By the way, David Lee is a good shooter because in addition to his 70% shooting stretch last year, he also shoots 57% from the field this year which is good enough to be considered top 3 in the league. Board members, let's have a slow clap for Mr. alphaorange....1....2....3....."ALPHAORANGE!!!!!!!!!!!!!!!!"


As for me stretching the truth, I think you need to guess again. The post in question regards Josh Childress and is titled "Childress Can't Be A Starter?" In it, you did state that Childress shot 38% from the field at 6:30 pm on 3/20/2007 and I correctly stated (and you acknowledge) he shot 40% from the field at 6:20 pm.


----------



## alphaorange (Jul 2, 2006)

*I'll try to keep it simple for you*

They are averaging 80 minutes a game between them during this stretch. This translates into more of everything...by around 25%. Take 20-25% off that 36 points/game and you have what? I know...27 points, which is in the range I posted. Turnovers are up, shooting % from the outside are down. Last 12 from 3..Ssmith 29% and Childress 22%. Smith takes 53% of his shots from the perimeter and has a % of 32% (4.5pts).

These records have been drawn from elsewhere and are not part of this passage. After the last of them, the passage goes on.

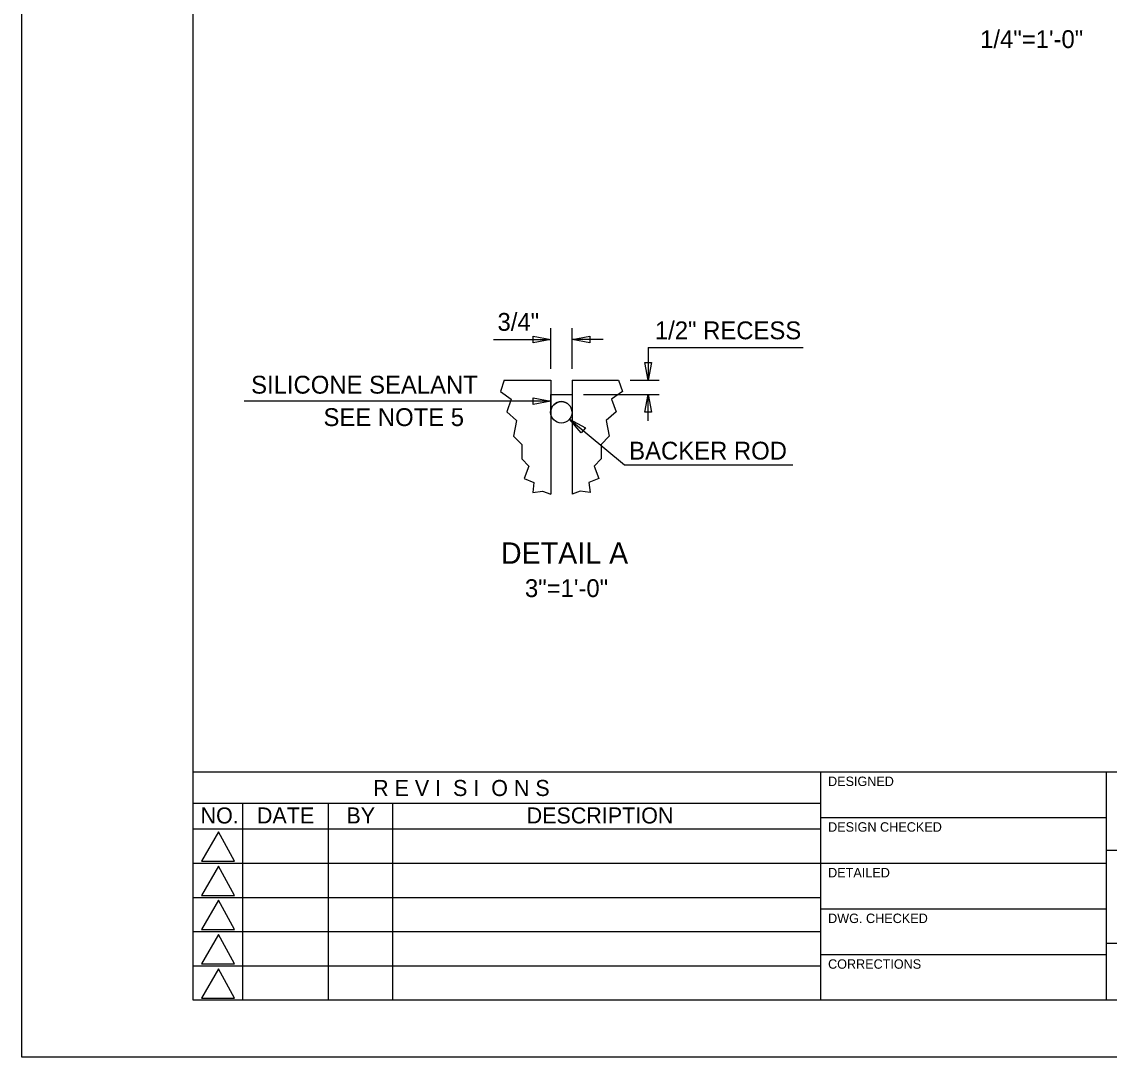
# Model space of a CAD drawing. Extents: x 0 to 68, y 0 to 47.1.
# Drawn here: x 0 to 19.05, y 0 to 18.13 of the extents above; entities that cross this region are included whole.
import ezdxf

# ---------------------------------------------------------------- set-up
doc = ezdxf.new("R2010")
doc.units = 0
for name, color, linetype in [('BORDER_ANNO_Cutsheet', 7, 'Continuous'), ('BRDG_ANNO_Anno-Sheet', 7, 'Continuous'), ('BRDG_ANNO_General-Notes', 7, 'Continuous'), ('BRDG_BASE_Active-Point', 7, 'Continuous'), ('BRDG_BASE_Obj-Line', 7, 'Continuous'), ('BRDG_BASE_Phtline', 7, 'Continuous'), ('BRDG_BASE_Rebar', 7, 'Continuous')]:
    doc.layers.add(name, color=color, linetype=linetype)

msp = doc.modelspace()

# ---------------------------------------------------------------- linework, layer by layer
at = {"layer": 'BORDER_ANNO_Cutsheet'}
msp.add_lwpolyline([(0, 44), (68, 44), (68, 0), (0, 0)], close=True, dxfattribs=at)
at = {"layer": 'BRDG_ANNO_Anno-Sheet'}
for p, q in [((3, 5), (38.5, 5)), ((14, 1), (14, 5)), ((19, 1), (19, 5)), ((3, 4.45), (14, 4.45)), ((3.875, 1), (3.875, 4.45)), ((5.375, 1), (5.375, 4.45)), ((6.5, 1), (6.5, 4.439)), ((14, 4.2), (19, 4.2)), ((2.995, 4), (14, 4)), ((19, 3.625), (23, 3.625)), ((2.995, 3.4), (14, 3.4)), ((14, 3.4), (19, 3.4)), ((2.995, 2.8), (14, 2.8)), ((14, 2.6), (19, 2.6)), ((2.995, 2.2), (14, 2.2)), ((19, 2), (23, 2)), ((14, 1.8), (19, 1.8)), ((2.995, 1.6), (14, 1.6))]:
    msp.add_line(p, q, dxfattribs=at)
msp.add_lwpolyline([(3, 43), (67, 43), (67, 1), (3, 1)], close=True, dxfattribs=at)
for points in [[(3.445, 3.949), (3.149, 3.435), (3.729, 3.435), (3.445, 3.949)], [(3.445, 3.349), (3.149, 2.835), (3.729, 2.835), (3.445, 3.349)], [(3.445, 2.749), (3.149, 2.235), (3.729, 2.235), (3.445, 2.749)], [(3.445, 2.149), (3.149, 1.635), (3.729, 1.635), (3.445, 2.149)], [(3.445, 1.549), (3.149, 1.035), (3.729, 1.035), (3.445, 1.549)]]:
    msp.add_lwpolyline(points, dxfattribs=at)
at = {"layer": 'BRDG_ANNO_General-Notes'}
for p, q in [((9.266, 12.054), (9.266, 12.767)), ((9.641, 12.054), (9.641, 12.767)), ((8.956, 12.512), (8.956, 12.628)), ((8.956, 12.628), (9.266, 12.57)), ((9.641, 12.57), (9.951, 12.628)), ((9.951, 12.628), (9.951, 12.512)), ((8.266, 12.57), (9.266, 12.57)), ((9.266, 12.57), (8.956, 12.512)), ((10.187, 12.57), (9.641, 12.57)), ((9.951, 12.512), (9.641, 12.57)), ((10.971, 12.427), (10.971, 11.857)), ((10.971, 12.427), (13.691, 12.427)), ((10.913, 12.167), (11.029, 12.167)), ((10.971, 11.857), (10.913, 12.167)), ((11.029, 12.167), (10.971, 11.857)), ((10.658, 11.857), (11.168, 11.857)), ((9.266, 11.488), (3.894, 11.488)), ((8.956, 11.43), (8.956, 11.546)), ((8.956, 11.546), (9.266, 11.488)), ((9.266, 11.488), (8.956, 11.43)), ((9.838, 11.607), (11.168, 11.607)), ((10.913, 11.297), (10.971, 11.607)), ((10.971, 11.148), (10.971, 11.607)), ((10.971, 11.607), (11.029, 11.297)), ((11.029, 11.297), (10.913, 11.297)), ((9.598, 11.175), (10.561, 10.376)), ((9.799, 10.933), (9.598, 11.175)), ((9.598, 11.175), (9.873, 11.022)), ((9.873, 11.022), (9.799, 10.933)), ((10.561, 10.376), (13.508, 10.376))]:
    msp.add_line(p, q, dxfattribs=at)
at = {"layer": 'BRDG_BASE_Active-Point'}
msp.add_line((0, 0), (0, 0), dxfattribs=at)
at = {"layer": 'BRDG_BASE_Obj-Line'}
for p, q in [((8.453, 11.857), (9.266, 11.857)), ((9.266, 11.857), (9.266, 9.863)), ((9.641, 11.857), (9.641, 9.863)), ((9.641, 11.857), (10.453, 11.857))]:
    msp.add_line(p, q, dxfattribs=at)
for points in [[(8.453, 11.857), (8.384, 11.657), (8.576, 11.525), (8.496, 11.302), (8.669, 11.15), (8.617, 10.875), (8.759, 10.734), (8.759, 10.482), (8.882, 10.35), (8.8, 10.137), (8.972, 10.065), (8.952, 9.893), (9.124, 9.914), (9.266, 9.863)], [(10.453, 11.857), (10.523, 11.657), (10.33, 11.525), (10.41, 11.302), (10.238, 11.15), (10.289, 10.875), (10.148, 10.734), (10.148, 10.482), (10.025, 10.35), (10.107, 10.137), (9.935, 10.065), (9.955, 9.893), (9.783, 9.914), (9.641, 9.863)]]:
    msp.add_lwpolyline(points, dxfattribs=at)
at = {"layer": 'BRDG_BASE_Phtline'}
for p, q in [((9.266, 11.295), (9.266, 11.607)), ((9.266, 11.607), (9.641, 11.607)), ((9.641, 11.607), (9.641, 11.295))]:
    msp.add_line(p, q, dxfattribs=at)
msp.add_arc((9.453, 11.295), 0.188, 0, 180, dxfattribs=at)
at = {"layer": 'BRDG_BASE_Rebar'}
msp.add_circle((9.453, 11.295), 0.188, dxfattribs=at)

# ---------------------------------------------------------------- texts
at = {"layer": 'BRDG_ANNO_Anno-Sheet'}
for s, height, p in [('R E V I  S I  O N S', 0.28125, (6.155, 4.575)), ('DESIGNED', 0.165, (14.125, 4.75)), ('NO.', 0.2812, (3.133, 4.094)), ('DATE', 0.2812, (4.12, 4.094)), ('BY', 0.2812, (5.688, 4.094)), ('DESCRIPTION', 0.28125, (8.845, 4.094)), ('DESIGN CHECKED', 0.16562, (14.125, 3.95)), ('DETAILED', 0.1656, (14.125, 3.15)), ('DWG. CHECKED', 0.16562, (14.125, 2.35)), ('CORRECTIONS', 0.165, (14.125, 1.55))]:
    msp.add_text(s, height=height, dxfattribs=at).set_placement(p)
at = {"layer": 'BRDG_ANNO_General-Notes'}
for s, height, p in [('1/4"=1\'-0"', 0.3125, (16.789, 17.674)), ('3/4"', 0.3125, (8.334, 12.722)), ('1/2" RECESS', 0.3125, (11.091, 12.574)), ('SILICONE SEALANT', 0.3125, (4.018, 11.622)), ('SEE NOTE 5', 0.3125, (5.286, 11.054)), ('BACKER ROD', 0.3125, (10.641, 10.467)), ('DETAIL A', 0.375, (8.394, 8.642)), ('3"=1\'-0"', 0.3125, (8.815, 8.059))]:
    msp.add_text(s, height=height, dxfattribs=at).set_placement(p)

doc.saveas('drawing.dxf')

Childress takes 37% of his shots from the outside and makes them at 39% at 2.7 pts/game. Twist this around to make a case for well-rounded offensive players. Lee shooting 57% does not mean he is a great shooter. It means he is an effective scorer. Curry shoots nearly 60%. Is he also a great shooter? Saying that you never have heard of a scorer who was limited offensively is one of the dumbest things ever...even by your standards. Look no further than Curry or Shaq. The only reason they continued is because Shaq overpowered everyone and Curry...well...he isn't doing so well now, is he? Don't even bothering to suggest Smith is guarding the PFs..you have no idea and neither do I. So STFU. Perhaps I took too much for granted when I posted those Childress stats. I supposed you had some moderate level of comprehension. I never posted he shot 38%. I posted he took jumpers 38% of the time while actually shooting 39.2%. You can check...I did. You are the one who rounded up to 40%. I didn't check the previous thread until now but I posted 39.2%, which you rounded up to 40%. I should he posted that it would be nearly as accurate to round down to 38%. Now tell me again....who is a great shooter? NOTHING that you posted supports your assertions. 
*Edit*


----------



## Gotham2krazy (Nov 22, 2005)

*Re: I'll try to keep it simple for you*

Who needs Josh Smith to score when he can do so much more than that? He's a muscular version of Andrei Kirelinko, or at least what the guy used to be.


----------



## alphaorange (Jul 2, 2006)

*Not the issue, Gotham*

I stated he was not a very good scoring player and Twink is trying to make a case that he and Childress are. I have been wanting Smith for over a year...but at SF. he wants him at PF. I would welcome Childress as an important 2-3 off the bench and twink wants him starting at the 2.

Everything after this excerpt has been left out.